WHAT YOU WILL DO >>
Give back each entry exactly as written, apart from the pictures.

SOURCE MATERIAL >>

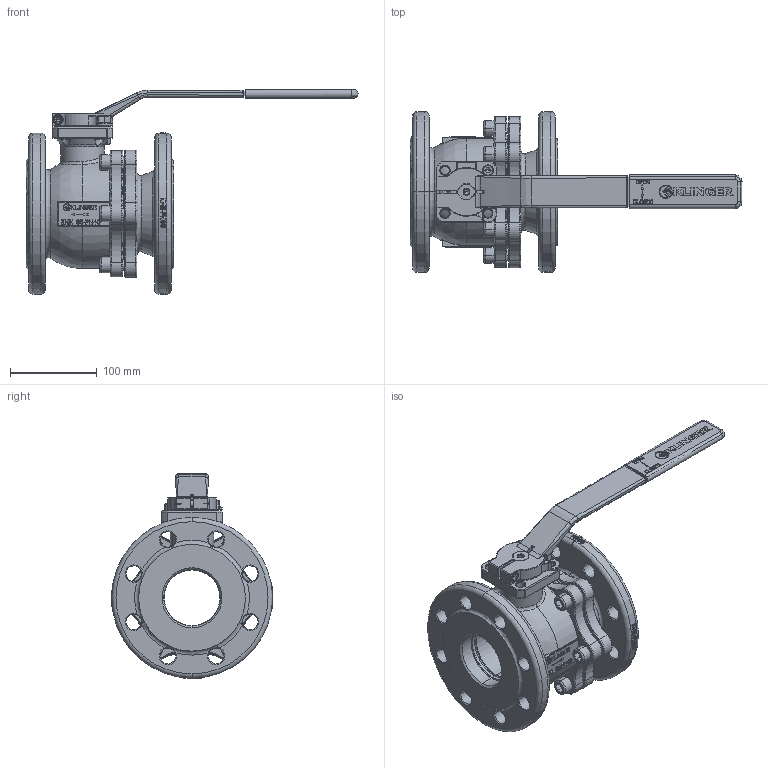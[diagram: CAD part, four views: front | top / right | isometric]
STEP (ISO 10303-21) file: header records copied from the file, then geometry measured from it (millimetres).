
FILE_DESCRIPTION((''),'2;1');
FILE_NAME('KHEFK065VFK065P040PKK','2015-08-07T',('mahrhauserh'),('RAND'),'PRO/ENGINEER BY PARAMETRIC TECHNOLOGY CORPORATION, 2013410','PRO/ENGINEER BY PARAMETRIC TECHNOLOGY CORPORATION, 2013410','');
FILE_SCHEMA(('CONFIG_CONTROL_DESIGN'));
Products named in the file (1): KHEFK065VFK065P040PKK
Bounding box: 382 x 185.9 x 236 mm (x, y, z)
Volume: 2100394.2 mm3; surface area: 394697 mm2
Topology: 1 solids, 1 shells, 3228 faces, 8527 edges, 5408 vertices
Faces by surface type: plane 1989, cylinder 479, torus 335, bspline 239, cone 151, sphere 35
Entity records: 122087 total; most frequent: CARTESIAN_POINT 43856, ORIENTED_EDGE 17018, DIRECTION 15368, EDGE_CURVE 8509, VERTEX_POINT 5408, VECTOR 5168, LINE 5168, AXIS2_PLACEMENT_3D 5100
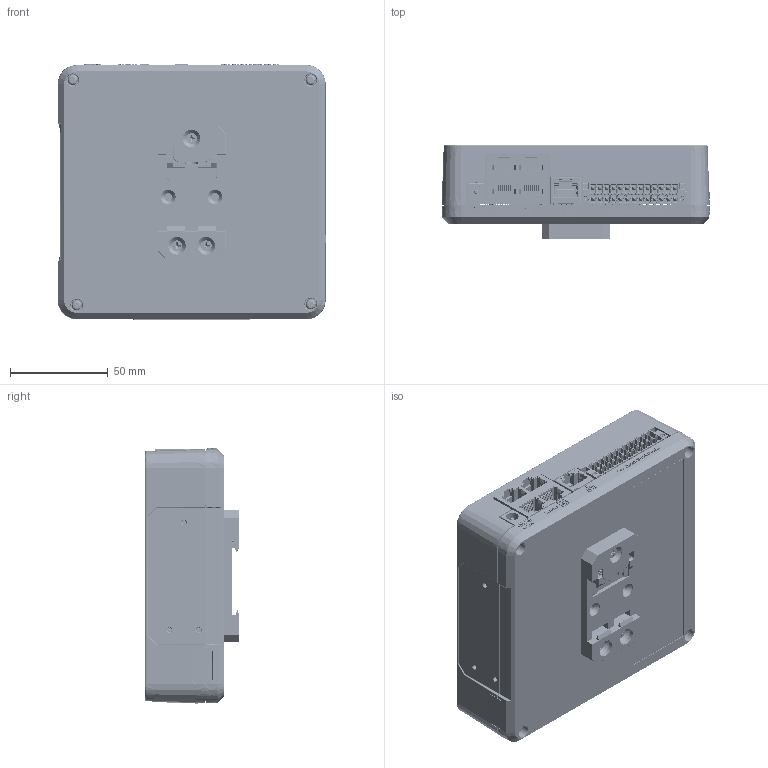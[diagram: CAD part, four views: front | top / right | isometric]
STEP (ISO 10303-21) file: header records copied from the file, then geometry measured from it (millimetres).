
FILE_DESCRIPTION (( 'STEP AP214' ), '1' );
FILE_NAME ('865-0335.STEP', '2021-06-18T18:43:31', ( '' ), ( '' ), 'SwSTEP 2.0', 'SolidWorks 2017', '' );
FILE_SCHEMA (( 'AUTOMOTIVE_DESIGN' ));
Length unit declared in the file: millimetre
Products named in the file (1): 865-0335
Bounding box: 137.74 x 48.5 x 130.83 mm (x, y, z)
Volume: 169521.2 mm3; surface area: 166776.7 mm2
Topology: 57 solids, 57 shells, 9804 faces, 26043 edges, 16468 vertices
Faces by surface type: plane 4624, cylinder 2735, bspline 1833, cone 592, torus 16, sphere 4
Entity records: 505561 total; most frequent: CARTESIAN_POINT 207687, ORIENTED_EDGE 51688, DIRECTION 38354, EDGE_CURVE 25844, VERTEX_POINT 16468, LINE 15040, VECTOR 15040, AXIS2_PLACEMENT_3D 11657

THE COMPLETED TASK >>
[diagram: CAD part, four views: front | top / right | isometric]
STEP (ISO 10303-21) file: header records copied from the file, then geometry measured from it (millimetres).
FILE_DESCRIPTION((''),'2;1');
FILE_NAME('KHEFK065VFK065P040PKK','2015-08-07T',('mahrhauserh'),('RAND'),'PRO/ENGINEER BY PARAMETRIC TECHNOLOGY CORPORATION, 2013410','PRO/ENGINEER BY PARAMETRIC TECHNOLOGY CORPORATION, 2013410','');
FILE_SCHEMA(('CONFIG_CONTROL_DESIGN'));
Products named in the file (1): KHEFK065VFK065P040PKK
Bounding box: 382 x 185.9 x 236 mm (x, y, z)
Volume: 2100394.2 mm3; surface area: 394697 mm2
Topology: 1 solids, 1 shells, 3228 faces, 8527 edges, 5408 vertices
Faces by surface type: plane 1989, cylinder 479, torus 335, bspline 239, cone 151, sphere 35
Entity records: 122087 total; most frequent: CARTESIAN_POINT 43856, ORIENTED_EDGE 17018, DIRECTION 15368, EDGE_CURVE 8509, VERTEX_POINT 5408, VECTOR 5168, LINE 5168, AXIS2_PLACEMENT_3D 5100
[diagram: CAD part, four views: front | top / right | isometric]
STEP (ISO 10303-21) file: header records copied from the file, then geometry measured from it (millimetres).
FILE_DESCRIPTION (( 'STEP AP214' ), '1' );
FILE_NAME ('865-0335.STEP', '2021-06-18T18:43:31', ( '' ), ( '' ), 'SwSTEP 2.0', 'SolidWorks 2017', '' );
FILE_SCHEMA (( 'AUTOMOTIVE_DESIGN' ));
Length unit declared in the file: millimetre
Products named in the file (1): 865-0335
Bounding box: 137.74 x 48.5 x 130.83 mm (x, y, z)
Volume: 169521.2 mm3; surface area: 166776.7 mm2
Topology: 57 solids, 57 shells, 9804 faces, 26043 edges, 16468 vertices
Faces by surface type: plane 4624, cylinder 2735, bspline 1833, cone 592, torus 16, sphere 4
Entity records: 505561 total; most frequent: CARTESIAN_POINT 207687, ORIENTED_EDGE 51688, DIRECTION 38354, EDGE_CURVE 25844, VERTEX_POINT 16468, LINE 15040, VECTOR 15040, AXIS2_PLACEMENT_3D 11657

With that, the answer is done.